A slight relaxation in their postures, but weapons still held ready. “Who are you?” the ridiculously tall and thin man asked. He looks like a reed. The wind could blow him over.
“Matt, Duke’s Rangers, 2nd Company.” he gulped, “Quick! The men on horses are right behind me. There’s at least six of them - with swords and metal armour! We need to move into the cave!” Matt wanted to say more, but a fit of coughing took over.
“Move into the cave? Are you crazy? We can hold this entrance. Me and Thor up front, you and Vic with spears behind. They can’t get past us.” The man with the hatchet declared, the tightness of his shoulders and the knuckles wrapped around his weapon exposing his nervousness.
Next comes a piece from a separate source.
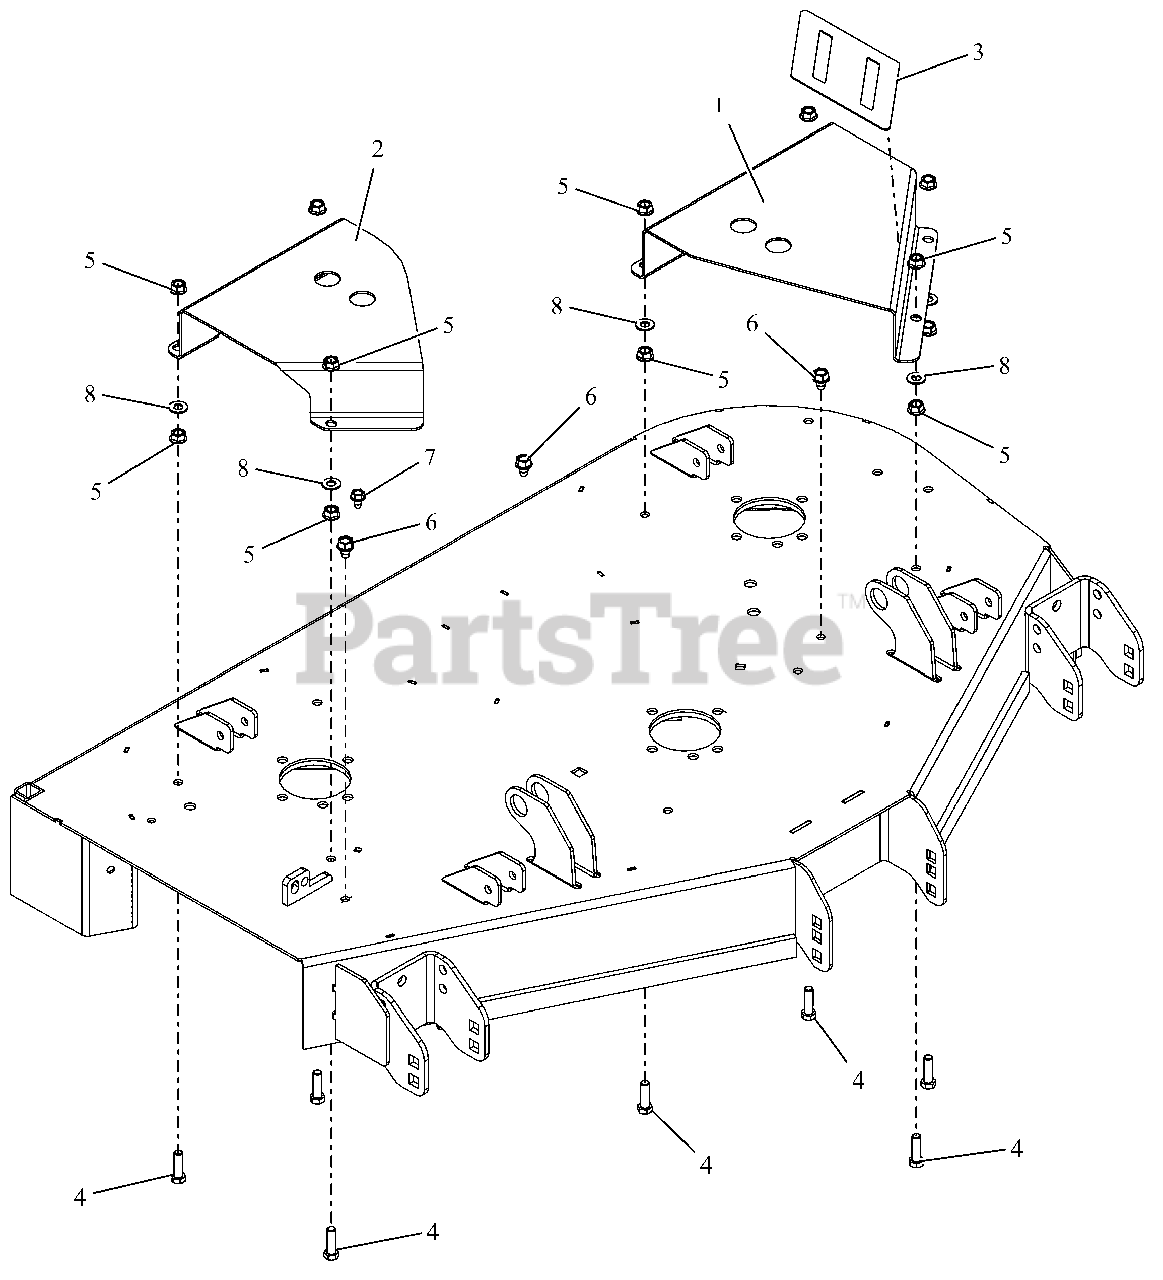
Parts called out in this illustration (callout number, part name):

Matt recognised the man from the camp last night and remembered jokes with an edge of fear. Pete, wasn’t it?
“No.” the reedy man said. A surprisingly deep voice with an undercurrent of calm authority. He lowered his dagger to his side, a long thin blade like the man himself. “These men are trained. Not like us, not farmers and peasants. And they have armour and swords. And most importantly, there are more of them. It might take them some time, but eventually they will cut us to pieces. We can hide in the tunnels. It’s our only chance.”
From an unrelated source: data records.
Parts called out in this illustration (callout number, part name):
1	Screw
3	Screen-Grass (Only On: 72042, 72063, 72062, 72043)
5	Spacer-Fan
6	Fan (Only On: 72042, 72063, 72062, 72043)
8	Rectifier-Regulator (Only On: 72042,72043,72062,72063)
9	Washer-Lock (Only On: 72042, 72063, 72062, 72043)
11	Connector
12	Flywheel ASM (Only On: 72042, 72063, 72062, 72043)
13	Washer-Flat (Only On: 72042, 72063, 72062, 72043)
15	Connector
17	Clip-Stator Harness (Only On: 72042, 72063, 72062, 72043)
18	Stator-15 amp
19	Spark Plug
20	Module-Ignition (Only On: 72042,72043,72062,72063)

“But…” Pete began, hand gesturing towards the dark tunnel disappearing behind them. “Better stand and die here. Who knows what is down there? You know the stories. At least here we know who–what–we are facing.”
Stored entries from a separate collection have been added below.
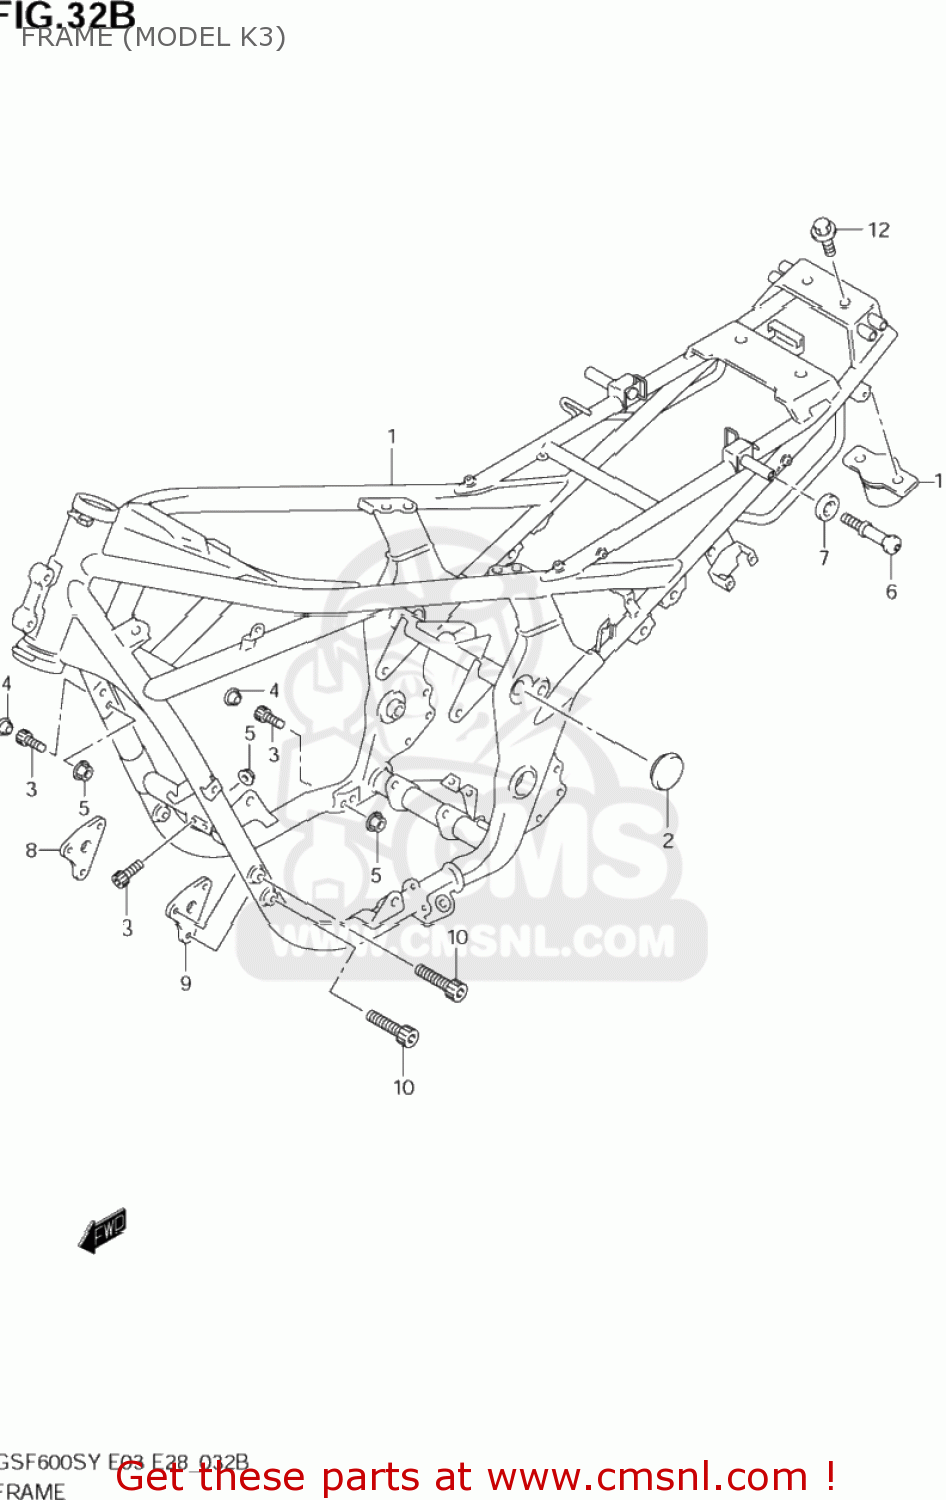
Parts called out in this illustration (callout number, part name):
1	FRAME COMP
2	CAP,FRAME BODY
3	BOLT(10X37)
4	CAP(OD:12)
5	NUT
6	HOOK,SEAT RAIL
7	WASHER,HOOK
8	PLATE,ENG MTG,R
9	PLATE,ENG MTG,L
10	BOLT
11	DAMPER,FRAME RR
12	BOLT

Matt took a moment to catch his breath, finding it more and more difficult. Hands on knees, vision closing in, he tried and failed to speak. He did know the stories, but his chest was burning, and it felt like his lungs had constricted to the size of walnuts. He just wanted a place to hide. Somewhere to lie down. He didn’t care about the stories. I just want to die like my mother did. Like Father. Not at the end of sharp steel.
A smaller voice came from the cave. A girl’s voice. Soft and thin and assertive.
“Don’t be stupid, boys. I’m not dying here. I’m going in, and so are you.” She took a step towards them, one arm pointing firmly back into the cave, the other reaching out for Pete. “Come, I will guide us.” Matt recognised her from yesterday. After the battle, she had been sitting next to a man with a crushed hand. She had held him close and whispered something, then she had taken a bone saw to his arm and worked resolutely through his screams. She was so small he could pick her up with one arm.
The reedy man looked at Pete, placing a hand on his shoulder. “Let us go, Pete. Quickly.”
Matt watched him turn around, joining the girl and the man holding the torch as they moved deeper into the darkness of the cave.
Matt moved to follow and heard a mumbled “screw you, Thor” as Pete also joined them.
Just a few more minutes now. Matt smiled. I wonder if ghosts smell like they did when they were alive. See you soon, Mum.